Provide only the number of lines in the data below that contain the string "linetype".

Collected data:
· · · ·
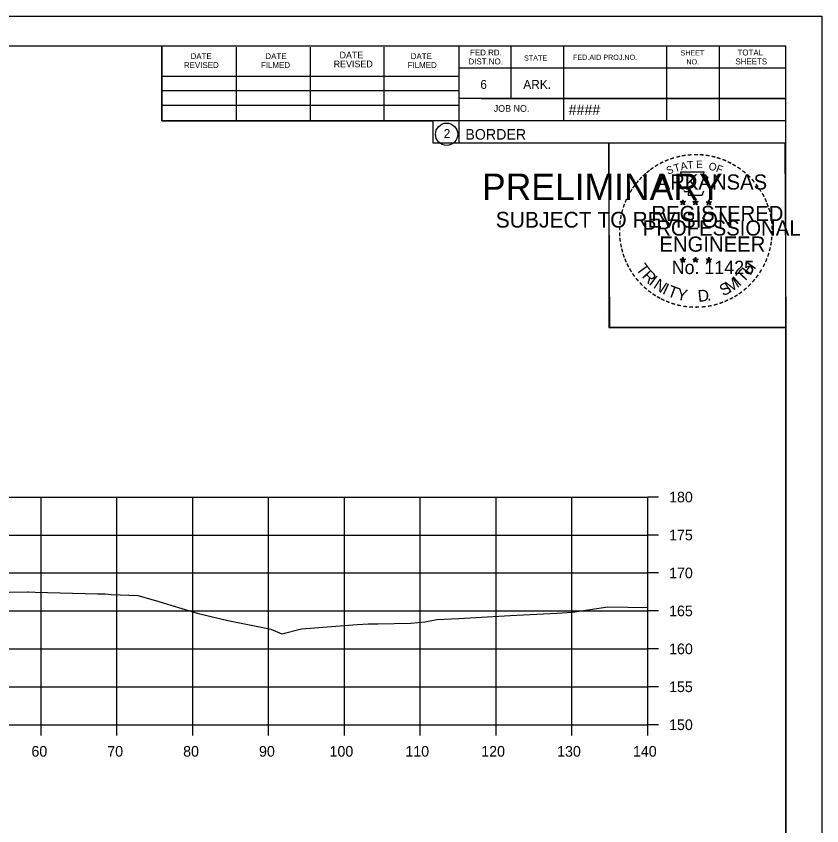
# Model space of a CAD drawing. Extents: x 1368503 to 1373085, y 379840 to 381833.
# Drawn here: x 1372978.8 to 1373085, y 381135 to 381241.7 of the extents above; entities that cross this region are included whole.
import ezdxf

# ---------------------------------------------------------------- set-up
doc = ezdxf.new("R2010")
doc.units = 0
for name, color, linetype in [('S_BRIDGE', 7, 'Continuous'), ('S_EDGE_PAVEMENT', 7, 'Continuous'), ('S_LANDSCAPING', 7, 'Continuous'), ('S_MISC_BOUNDARY', 7, 'Continuous'), ('S_MISC_BOUNDARY_ANNOT', 7, 'Continuous'), ('S_PHOTO_CENTERS', 7, 'Continuous'), ('S_PHOTO_NOTES', 7, 'Continuous'), ('S_TRAILS', 7, 'Continuous')]:
    doc.layers.add(name, color=color, linetype=linetype)

msp = doc.modelspace()

# ---------------------------------------------------------------- linework, layer by layer
at = {"layer": 'S_BRIDGE'}
for p, q in [((1372764.08, 381237.76), (1373080.26, 381237.76)), ((1372998, 381227.88), (1372998, 381237.76)), ((1373007.86, 381227.88), (1373007.86, 381237.56)), ((1373017.62, 381227.88), (1373017.62, 381237.56)), ((1373027.3, 381227.88), (1373027.3, 381237.56)), ((1373037.16, 381237.76), (1373037.16, 381224.96)), ((1373044, 381237.76), (1373044, 381230.82)), ((1373050.94, 381237.76), (1373050.94, 381227.88)), ((1373064.52, 381237.76), (1373064.52, 381227.88)), ((1373071.46, 381237.76), (1373071.46, 381227.88)), ((1373080.26, 381032.3), (1373080.26, 381237.76)), ((1373080.26, 381234.82), (1373037.16, 381234.82)), ((1373080.26, 381234.84), (1373080.26, 381234.84)), ((1372998, 381233.74), (1373037.16, 381233.74)), ((1372998, 381231.88), (1373037.16, 381231.88)), ((1373080.26, 381230.82), (1373037.16, 381230.82)), ((1373040.12, 381230.82), (1373080.26, 381230.82)), ((1372998, 381227.88), (1372998, 381229.94)), ((1372998, 381229.94), (1373037.16, 381229.94)), ((1373080.26, 381227.88), (1372998, 381227.88)), ((1373037.16, 381224.96), (1373080.26, 381224.96))]:
    msp.add_line(p, q, dxfattribs=at)
msp.add_circle((1373035.55, 381226.1), 1.47, dxfattribs=at)
at = {"layer": 'S_EDGE_PAVEMENT'}
for p, q in [((1373062.08, 381148.3), (1373062.08, 381178.3)), ((1373063.48, 381178.3), (1373062.08, 381178.3)), ((1373063.48, 381173.3), (1373062.08, 381173.3)), ((1373063.48, 381168.3), (1373062.08, 381168.3)), ((1373063.48, 381163.3), (1373062.08, 381163.3)), ((1373063.48, 381158.3), (1373062.08, 381158.3)), ((1373063.48, 381153.3), (1373062.08, 381153.3)), ((1372782.08, 381148.3), (1373062.08, 381148.3)), ((1372982.08, 381146.9), (1372982.08, 381148.3)), ((1372992.08, 381146.9), (1372992.08, 381148.3)), ((1373002.08, 381146.9), (1373002.08, 381148.3)), ((1373012.08, 381146.9), (1373012.08, 381148.3)), ((1373022.08, 381146.9), (1373022.08, 381148.3)), ((1373032.08, 381146.9), (1373032.08, 381148.3)), ((1373042.08, 381146.9), (1373042.08, 381148.3)), ((1373052.08, 381146.9), (1373052.08, 381148.3)), ((1373062.08, 381146.9), (1373062.08, 381148.3)), ((1373063.48, 381148.3), (1373062.08, 381148.3))]:
    msp.add_line(p, q, dxfattribs=at)
at = {"layer": 'S_LANDSCAPING'}
for p, q in [((1373066.7, 381217.47), (1373066.65, 381217.22)), ((1373066.7, 381217.11), (1373066.7, 381217.47)), ((1373066.7, 381217.47), (1373066.74, 381217.22)), ((1373068.37, 381217.47), (1373068.32, 381217.22)), ((1373068.37, 381217.11), (1373068.37, 381217.47)), ((1373068.37, 381217.47), (1373068.41, 381217.22)), ((1373070.13, 381217.46), (1373070.09, 381217.21)), ((1373070.13, 381217.09), (1373070.13, 381217.46)), ((1373070.13, 381217.46), (1373070.18, 381217.21)), ((1373066.35, 381217.22), (1373066.7, 381217.11)), ((1373066.35, 381217.22), (1373066.6, 381217.17)), ((1373066.35, 381217.22), (1373066.58, 381217.09)), ((1373066.48, 381216.81), (1373066.7, 381217.11)), ((1373066.48, 381216.81), (1373066.61, 381217.05)), ((1373066.48, 381216.81), (1373066.69, 381217.03)), ((1373066.91, 381216.81), (1373066.69, 381217.02)), ((1373067.04, 381217.22), (1373066.7, 381217.11)), ((1373066.91, 381216.81), (1373066.7, 381217.11)), ((1373067.04, 381217.22), (1373066.76, 381217.17)), ((1373066.91, 381216.81), (1373066.77, 381217.1)), ((1373067.04, 381217.22), (1373066.84, 381217.11)), ((1373068.02, 381217.22), (1373068.37, 381217.11)), ((1373068.02, 381217.22), (1373068.27, 381217.17)), ((1373068.02, 381217.22), (1373068.25, 381217.09)), ((1373068.15, 381216.81), (1373068.37, 381217.11)), ((1373068.15, 381216.81), (1373068.28, 381217.05)), ((1373068.15, 381216.81), (1373068.36, 381217.03)), ((1373068.58, 381216.81), (1373068.36, 381217.02)), ((1373068.71, 381217.22), (1373068.37, 381217.11)), ((1373068.58, 381216.81), (1373068.37, 381217.11)), ((1373068.71, 381217.22), (1373068.43, 381217.17)), ((1373068.58, 381216.81), (1373068.44, 381217.1)), ((1373068.71, 381217.22), (1373068.51, 381217.11)), ((1373069.78, 381217.2), (1373070.13, 381217.09)), ((1373069.78, 381217.2), (1373070.03, 381217.16)), ((1373069.78, 381217.2), (1373070.02, 381217.08)), ((1373069.91, 381216.8), (1373070.13, 381217.09)), ((1373069.91, 381216.8), (1373070.04, 381217.04)), ((1373069.91, 381216.8), (1373070.13, 381217.01)), ((1373070.48, 381217.2), (1373070.13, 381217.09)), ((1373070.34, 381216.8), (1373070.13, 381217.09)), ((1373070.34, 381216.8), (1373070.13, 381217.01)), ((1373070.48, 381217.2), (1373070.19, 381217.16)), ((1373070.34, 381216.8), (1373070.21, 381217.09)), ((1373070.48, 381217.2), (1373070.27, 381217.1)), ((1373066.69, 381209.9), (1373066.65, 381209.65)), ((1373066.69, 381209.53), (1373066.69, 381209.9)), ((1373066.69, 381209.9), (1373066.74, 381209.65)), ((1373068.36, 381209.9), (1373068.32, 381209.65)), ((1373068.36, 381209.53), (1373068.36, 381209.9)), ((1373068.36, 381209.9), (1373068.41, 381209.65)), ((1373070.13, 381209.89), (1373070.09, 381209.64)), ((1373070.13, 381209.52), (1373070.13, 381209.89)), ((1373070.13, 381209.89), (1373070.18, 381209.64)), ((1373066.34, 381209.64), (1373066.69, 381209.53)), ((1373066.34, 381209.64), (1373066.6, 381209.6)), ((1373066.34, 381209.64), (1373066.58, 381209.52)), ((1373066.48, 381209.24), (1373066.69, 381209.53)), ((1373066.48, 381209.24), (1373066.6, 381209.48)), ((1373066.48, 381209.24), (1373066.69, 381209.45)), ((1373067.04, 381209.64), (1373066.69, 381209.53)), ((1373066.9, 381209.24), (1373066.69, 381209.53)), ((1373066.9, 381209.24), (1373066.69, 381209.45)), ((1373067.04, 381209.64), (1373066.75, 381209.59)), ((1373066.9, 381209.24), (1373066.77, 381209.53)), ((1373067.04, 381209.64), (1373066.83, 381209.54)), ((1373068.01, 381209.64), (1373068.36, 381209.53)), ((1373068.01, 381209.64), (1373068.26, 381209.6)), ((1373068.01, 381209.64), (1373068.25, 381209.52)), ((1373068.14, 381209.24), (1373068.36, 381209.53)), ((1373068.14, 381209.24), (1373068.27, 381209.48)), ((1373068.14, 381209.24), (1373068.36, 381209.45)), ((1373068.71, 381209.64), (1373068.36, 381209.53)), ((1373068.57, 381209.24), (1373068.36, 381209.53)), ((1373068.57, 381209.24), (1373068.36, 381209.45)), ((1373068.71, 381209.64), (1373068.42, 381209.59)), ((1373068.57, 381209.24), (1373068.44, 381209.53)), ((1373068.71, 381209.64), (1373068.5, 381209.54)), ((1373069.78, 381209.63), (1373070.13, 381209.52)), ((1373069.78, 381209.63), (1373070.03, 381209.59)), ((1373069.78, 381209.63), (1373070.02, 381209.51)), ((1373069.91, 381209.23), (1373070.13, 381209.52)), ((1373069.91, 381209.23), (1373070.04, 381209.47)), ((1373069.91, 381209.23), (1373070.13, 381209.44)), ((1373070.47, 381209.63), (1373070.13, 381209.52)), ((1373070.34, 381209.23), (1373070.13, 381209.52)), ((1373070.34, 381209.23), (1373070.13, 381209.44)), ((1373070.47, 381209.63), (1373070.19, 381209.58)), ((1373070.34, 381209.23), (1373070.2, 381209.52)), ((1373070.47, 381209.63), (1373070.27, 381209.53))]:
    msp.add_line(p, q, dxfattribs=at)
for points in [[(1373066.39, 381221.09), (1373066.66, 381220.27)], [(1373069.9, 381220.17), (1373070.04, 381220.46), (1373069.36, 381220.43), (1373069.5, 381221.09), (1373066.39, 381221.09)], [(1373066.88, 381218.67), (1373066.88, 381218.58), (1373067.44, 381218.57), (1373067.39, 381218.09), (1373069.26, 381218.09), (1373069.46, 381218.63)], [(1373066.7, 381217.47), (1373066.91, 381216.81), (1373066.35, 381217.22), (1373067.04, 381217.22), (1373066.48, 381216.81), (1373066.7, 381217.47)], [(1373068.37, 381217.47), (1373068.58, 381216.81), (1373068.02, 381217.22), (1373068.71, 381217.22), (1373068.15, 381216.81), (1373068.37, 381217.47)], [(1373070.13, 381217.46), (1373070.34, 381216.8), (1373069.78, 381217.2), (1373070.48, 381217.2), (1373069.91, 381216.8), (1373070.13, 381217.46)], [(1373066.69, 381209.9), (1373066.9, 381209.24), (1373066.34, 381209.64), (1373067.04, 381209.64), (1373066.48, 381209.24), (1373066.69, 381209.9)], [(1373068.36, 381209.9), (1373068.57, 381209.24), (1373068.01, 381209.64), (1373068.71, 381209.64), (1373068.14, 381209.24), (1373068.36, 381209.9)], [(1373070.13, 381209.89), (1373070.34, 381209.23), (1373069.78, 381209.63), (1373070.47, 381209.63), (1373069.91, 381209.23), (1373070.13, 381209.89)]]:
    msp.add_lwpolyline(points, dxfattribs=at)
for centre, radius in [((1373066.69, 381217.1), 0.172), ((1373066.69, 381217.1), 0.145), ((1373068.36, 381217.1), 0.172), ((1373068.36, 381217.1), 0.145), ((1373070.13, 381217.09), 0.172), ((1373070.13, 381217.09), 0.145), ((1373066.69, 381217.1), 0.116), ((1373066.69, 381217.1), 0.0991), ((1373066.69, 381217.1), 0.0747), ((1373066.69, 381217.1), 0.0495), ((1373066.69, 381217.1), 0.0296), ((1373068.36, 381217.1), 0.116), ((1373068.36, 381217.1), 0.0991), ((1373068.36, 381217.1), 0.0747), ((1373068.36, 381217.1), 0.0495), ((1373068.36, 381217.1), 0.0296), ((1373070.13, 381217.09), 0.116), ((1373070.13, 381217.09), 0.0991), ((1373070.13, 381217.09), 0.0747), ((1373070.13, 381217.09), 0.0495), ((1373070.13, 381217.09), 0.0296), ((1373066.69, 381209.53), 0.172), ((1373066.69, 381209.53), 0.145), ((1373066.69, 381209.53), 0.116), ((1373066.69, 381209.53), 0.0991), ((1373066.69, 381209.53), 0.0747), ((1373066.69, 381209.53), 0.0495), ((1373066.69, 381209.53), 0.0296), ((1373068.36, 381209.53), 0.172), ((1373068.36, 381209.53), 0.145), ((1373068.36, 381209.53), 0.116), ((1373068.36, 381209.53), 0.0991), ((1373068.36, 381209.53), 0.0747), ((1373068.36, 381209.53), 0.0495), ((1373068.36, 381209.53), 0.0296), ((1373070.13, 381209.52), 0.172), ((1373070.13, 381209.52), 0.145), ((1373070.13, 381209.52), 0.116), ((1373070.13, 381209.52), 0.0991), ((1373070.13, 381209.52), 0.0747), ((1373070.13, 381209.52), 0.0495), ((1373070.13, 381209.52), 0.0296)]:
    msp.add_circle(centre, radius, dxfattribs=at)
at = {"layer": 'S_MISC_BOUNDARY'}
msp.add_lwpolyline([(1372970.68, 381165.65), (1372980.32, 381165.8), (1372980.43, 381165.8), (1372981.32, 381165.78), (1372989.52, 381165.57), (1372990.56, 381165.54), (1372991.33, 381165.48), (1372994.84, 381165.35), (1372997.19, 381164.66), (1373002.65, 381163.02), (1373006.7, 381162.05), (1373011.78, 381161.04), (1373012.4, 381160.89), (1373013.85, 381160.27), (1373016.44, 381160.96), (1373023.77, 381161.49), (1373025.23, 381161.58), (1373025.6, 381161.61), (1373026.48, 381161.59), (1373030.83, 381161.68), (1373032.66, 381161.85), (1373034.26, 381162.16), (1373037.16, 381162.32), (1373039.42, 381162.44), (1373043.95, 381162.71), (1373050.09, 381163.01), (1373052.13, 381163.12), (1373056.81, 381163.82), (1373062.08, 381163.77)], dxfattribs=at)
at = {"layer": 'S_PHOTO_CENTERS'}
for p, q in [((1372782.08, 381178.3), (1373062.08, 381178.3)), ((1372982.08, 381148.3), (1372982.08, 381178.3)), ((1372992.08, 381148.3), (1372992.08, 381178.3)), ((1373002.08, 381148.3), (1373002.08, 381178.3)), ((1373012.08, 381148.3), (1373012.08, 381178.3)), ((1373022.08, 381148.3), (1373022.08, 381178.3)), ((1373032.08, 381148.3), (1373032.08, 381178.3)), ((1373042.08, 381148.3), (1373042.08, 381178.3)), ((1373052.08, 381148.3), (1373052.08, 381178.3)), ((1373062.08, 381148.3), (1373062.08, 381178.3)), ((1372782.08, 381173.3), (1373062.08, 381173.3)), ((1372782.08, 381168.3), (1373062.08, 381168.3)), ((1372782.08, 381163.3), (1373062.08, 381163.3)), ((1372782.08, 381158.3), (1373062.08, 381158.3)), ((1372782.08, 381153.3), (1373062.08, 381153.3)), ((1372782.08, 381148.3), (1373062.08, 381148.3))]:
    msp.add_line(p, q, dxfattribs=at)
at = {"layer": 'S_PHOTO_NOTES'}
for p, q in [((1372751.68, 381241.66), (1373085.01, 381241.66)), ((1373056.3, 381202.51), (1373056.3, 381202.51))]:
    msp.add_line(p, q, dxfattribs=at)
for points in [[(1372751.67, 381241.66), (1373085.01, 381241.66), (1373085.01, 381028.32), (1372751.67, 381028.32)], [(1372998, 381237.76), (1372998, 381227.88), (1373033.73, 381227.88), (1373033.73, 381224.96), (1373056.93, 381224.96), (1373056.93, 381200.63), (1373080.26, 381200.63), (1373080.26, 381032.3), (1372764.08, 381032.3), (1372764.08, 381237.76)], [(1373056.93, 381224.96), (1373080.14, 381224.96), (1373080.26, 381200.63), (1373057.05, 381200.63)]]:
    msp.add_lwpolyline(points, close=True, dxfattribs=at)

# ---------------------------------------------------------------- texts
at = {"layer": 'S_BRIDGE'}
for s, height, p in [('DATE', 0.782, (1373001.8, 381236)), ('DATE', 0.782, (1373011.66, 381236)), ('DATE', 0.879, (1373021.44, 381236.1)), ('DATE', 0.782, (1373030.82, 381236)), ('FED.RD.', 0.782, (1373038.64, 381236.48)), ('STATE', 0.684, (1373045.76, 381235.8)), ('FED.AID PROJ.NO.', 0.684, (1373052.22, 381235.9)), ('SHEET', 0.684, (1373066.38, 381236.48)), ('TOTAL', 0.782, (1373073.9, 381236.48)), ('REVISED', 0.782, (1373000.92, 381234.82)), ('FILMED', 0.782, (1373011.08, 381234.82)), ('REVISED', 0.879, (1373020.66, 381234.92)), ('FILMED', 0.782, (1373030.42, 381234.82)), ('DIST.NO.', 0.782, (1373038.44, 381235.3)), ('NO.', 0.684, (1373067.16, 381235.3)), ('SHEETS', 0.782, (1373073.62, 381235.3)), ('6', 1.17, (1373040, 381232.08)), ('ARK.', 1.172, (1373045.66, 381232.08)), ('JOB NO.', 0.879, (1373041.76, 381229.06)), ('####', 1.4, (1373051.64, 381228.62)), ('2', 1.17, (1373035.17, 381225.61)), ('BORDER', 1.4, (1373038.02, 381225.39))]:
    msp.add_text(s, height=height, rotation=360, dxfattribs=at).set_placement(p)
at = {"layer": 'S_LANDSCAPING'}
for s, height, rotation, p in [('-', 1.6, 24.3072, (1373064.5, 381221.95)), ('-', 1.6, 19.1761, (1373065.14, 381222.22)), ('-', 1.6, 13.6301, (1373065.89, 381222.46)), ('-', 1.6, 10.2193, (1373066.56, 381222.62)), ('T', 1, 6.0228, (1373067.33, 381221.52)), ('-', 1.6, 5.8968, (1373067.29, 381222.73)), ('-', 1.6, 0.1862, (1373068.06, 381222.81)), ('E', 1, 0.8323, (1373068.44, 381221.63)), ('-', 1.6, 357.743, (1373068.79, 381222.79)), ('-', 1.6, 352.1617, (1373069.53, 381222.74)), ('-', 1.6, 347.2049, (1373070.25, 381222.62)), ('-', 1.6, 342.3362, (1373070.89, 381222.47)), ('-', 1.6, 337.8551, (1373071.62, 381222.25)), ('-', 1.6, 334.1211, (1373072.25, 381221.97)), ('-', 1.6, 36.2317, (1373062.69, 381220.87)), ('-', 1.6, 34.0636, (1373063.27, 381221.27)), ('-', 1.6, 28.7918, (1373063.87, 381221.64)), ('S', 1, 21.594, (1373064.74, 381220.77)), ('T', 1, 16.4036, (1373065.66, 381221.1)), ('A', 1, 11.2132, (1373066.48, 381221.35)), ('O', 1, 350.4515, (1373070.04, 381221.42)), ('F', 1, 340.0707, (1373070.99, 381221.19)), ('-', 1.6, 329.6409, (1373072.83, 381221.69)), ('-', 1.6, 325.8627, (1373073.47, 381221.33)), ('-', 1.6, 48.423, (1373061.34, 381219.6)), ('-', 1.6, 42.9622, (1373061.78, 381220.08)), ('-', 1.6, 38.9507, (1373062.22, 381220.49)), ('ARKANSAS', 2, 360, (1373063.24, 381218.81)), ('-', 1.6, 320.5297, (1373074.08, 381220.9)), ('-', 1.6, 315.5786, (1373074.68, 381220.42)), ('-', 1.6, 54.2325, (1373060.52, 381218.54)), ('-', 1.6, 50.6142, (1373060.93, 381219.11)), ('-', 1.6, 309.8797, (1373075.25, 381219.87)), ('-', 1.6, 306.6522, (1373075.78, 381219.26)), ('-', 1.6, 58.0706, (1373060.2, 381218.02)), ('-', 1.4, 303.6753, (1373076.26, 381218.7)), ('-', 1.6, 299.6684, (1373076.58, 381218.09)), ('-', 1.6, 67.7743, (1373059.62, 381216.79)), ('-', 1.6, 62.8713, (1373059.88, 381217.4)), ('-', 1.6, 294.6628, (1373076.91, 381217.48)), ('-', 1.6, 75.461, (1373059.21, 381215.45)), ('-', 1.6, 72.3945, (1373059.4, 381216.16)), ('REGISTERED', 2, 360, (1373062.56, 381214.66)), ('DWB', 0.01, 360, (1373066.68, 381217.1)), ('DWB', 0.01, 360, (1373068.35, 381217.1)), ('DWB', 0.01, 360, (1373070.12, 381217.09)), ('-', 1.6, 290.5728, (1373077.16, 381216.9)), ('-', 1.6, 285.1233, (1373077.4, 381216.32)), ('-', 1.6, 81.2013, (1373059.08, 381214.74)), ('-', 1.6, 280.5493, (1373077.6, 381215.58)), ('-', 1.6, 85.1863, (1373059, 381214.04)), ('PROFESSIONAL', 2, 360, (1373061.41, 381212.75)), ('-', 1.6, 276.5962, (1373077.76, 381214.81)), ('-', 1.6, 274.3301, (1373077.82, 381214.09)), ('-', 1.6, 94.1959, (1373059.01, 381212.62)), ('-', 1.6, 89.0622, (1373058.97, 381213.34)), ('-', 1.6, 269.9407, (1373077.85, 381213.46)), ('-', 1.6, 98.9479, (1373059.08, 381211.95)), ('ENGINEER', 2, 360, (1373063.6, 381210.63)), ('-', 1.6, 260.9953, (1373077.76, 381212.14)), ('-', 1.6, 263.5172, (1373077.83, 381212.79)), ('-', 1.6, 101.7149, (1373059.22, 381211.22)), ('-', 1.6, 105.4578, (1373059.38, 381210.62)), ('-', 1.6, 255.7626, (1373077.65, 381211.46)), ('-', 1.6, 109.0874, (1373059.59, 381209.99)), ('-', 1.6, 247.8887, (1373077.25, 381210.07)), ('-', 1.6, 252.8681, (1373077.47, 381210.74)), ('-', 1.6, 114.0643, (1373059.85, 381209.4)), ('-', 1.6, 115.7289, (1373060.15, 381208.78)), ('T', 1.54, 306.0406, (1373060.45, 381208.37)), ('No. 11425', 1.757, 360, (1373065.23, 381207.68)), ('DWB', 0.01, 360, (1373066.68, 381209.53)), ('DWB', 0.01, 360, (1373068.35, 381209.53)), ('DWB', 0.01, 360, (1373070.11, 381209.52)), ('H', 1.54, 54.6088, (1373075.57, 381207.41)), ('-', 1.6, 244.6197, (1373076.99, 381209.44)), ('-', 1.6, 120.4471, (1373060.51, 381208.19)), ('-', 1.6, 125.8934, (1373060.91, 381207.63)), ('R', 1.54, 314.005, (1373061.21, 381207.32)), ('T', 1.54, 46.6444, (1373074.68, 381206.46)), ('-', 1.6, 233.8452, (1373076.19, 381208.03)), ('-', 1.6, 239.0712, (1373076.59, 381208.68)), ('-', 1.6, 130.7181, (1373061.37, 381207.08)), ('-', 1.6, 134.2238, (1373061.89, 381206.53)), ('I', 1.54, 321.9694, (1373062.11, 381206.39)), ('N', 1.54, 326.5002, (1373062.68, 381205.92)), ('M', 1.54, 32.6563, (1373072.84, 381205.14)), ('I', 1.54, 42.1136, (1373074.12, 381205.99)), ('-', 1.6, 231.2538, (1373075.76, 381207.47)), ('-', 1.6, 138.9338, (1373062.42, 381206.07)), ('-', 1.6, 144.6463, (1373062.97, 381205.66)), ('I', 1.54, 335.3603, (1373063.89, 381205.13)), ('T', 1.54, 339.8912, (1373064.55, 381204.81)), ('Y', 1.54, 347.8556, (1373065.77, 381204.36)), ('D', 1.54, 6.3969, (1373068.75, 381204)), ('S', 1.54, 26.9312, (1373072, 381204.73)), ('-', 1.6, 221.0851, (1373074.76, 381206.39)), ('-', 1.6, 225.7653, (1373075.28, 381206.9)), ('-', 1.6, 148.0898, (1373063.53, 381205.29)), ('-', 1.6, 151.5704, (1373064.11, 381204.97)), ('-', 1.6, 154.6002, (1373064.63, 381204.72)), ('.', 1.54, 13.7642, (1373069.94, 381204.13)), ('-', 1.6, 207.3568, (1373073.12, 381205.19)), ('-', 1.6, 212.2491, (1373073.68, 381205.53)), ('-', 1.6, 215.7363, (1373074.21, 381205.92)), ('-', 1.6, 158.5612, (1373065.26, 381204.47)), ('-', 1.6, 162.7983, (1373065.95, 381204.25)), ('-', 1.6, 167.5555, (1373066.66, 381204.09)), ('-', 1.6, 173.1155, (1373067.43, 381203.98)), ('-', 1.6, 176.5183, (1373068.18, 381203.93)), ('-', 1.6, 181.5918, (1373068.92, 381203.95)), ('-', 1.6, 185.8167, (1373069.73, 381204.02)), ('-', 1.6, 191.2858, (1373070.47, 381204.15)), ('-', 1.6, 195.4743, (1373071.2, 381204.35)), ('-', 1.6, 200.7184, (1373071.88, 381204.6)), ('-', 1.6, 204.2516, (1373072.49, 381204.87))]:
    msp.add_text(s, height=height, rotation=rotation, dxfattribs=at).set_placement(p)
at = {"layer": 'S_MISC_BOUNDARY_ANNOT'}
for s, height, p in [('PRELIMINARY', 3.5, (1373040.21, 381217.42)), ('DWB', 0.01, (1373040.96, 381219.27)), ('SUBJECT TO REVISION', 2.0751, (1373042.02, 381213.8))]:
    msp.add_text(s, height=height, rotation=360, dxfattribs=at).set_placement(p)
at = {"layer": 'S_TRAILS'}
for s, p in [('180', (1373064.88, 381177.6)), ('175', (1373064.88, 381172.6)), ('170', (1373064.88, 381167.6)), ('165', (1373064.88, 381162.6)), ('160', (1373064.88, 381157.6)), ('155', (1373064.88, 381152.6)), ('150', (1373064.88, 381147.6)), ('60', (1372980.82, 381144.1)), ('70', (1372990.82, 381144.1)), ('80', (1373000.82, 381144.1)), ('90', (1373010.82, 381144.1)), ('100', (1373020.12, 381144.1)), ('110', (1373030.12, 381144.1)), ('120', (1373040.12, 381144.1)), ('130', (1373050.12, 381144.1)), ('140', (1373060.12, 381144.1))]:
    msp.add_text(s, height=1.4, dxfattribs=at).set_placement(p)

doc.saveas('drawing.dxf')
· · · ·
SOLVED EXERCISE:
2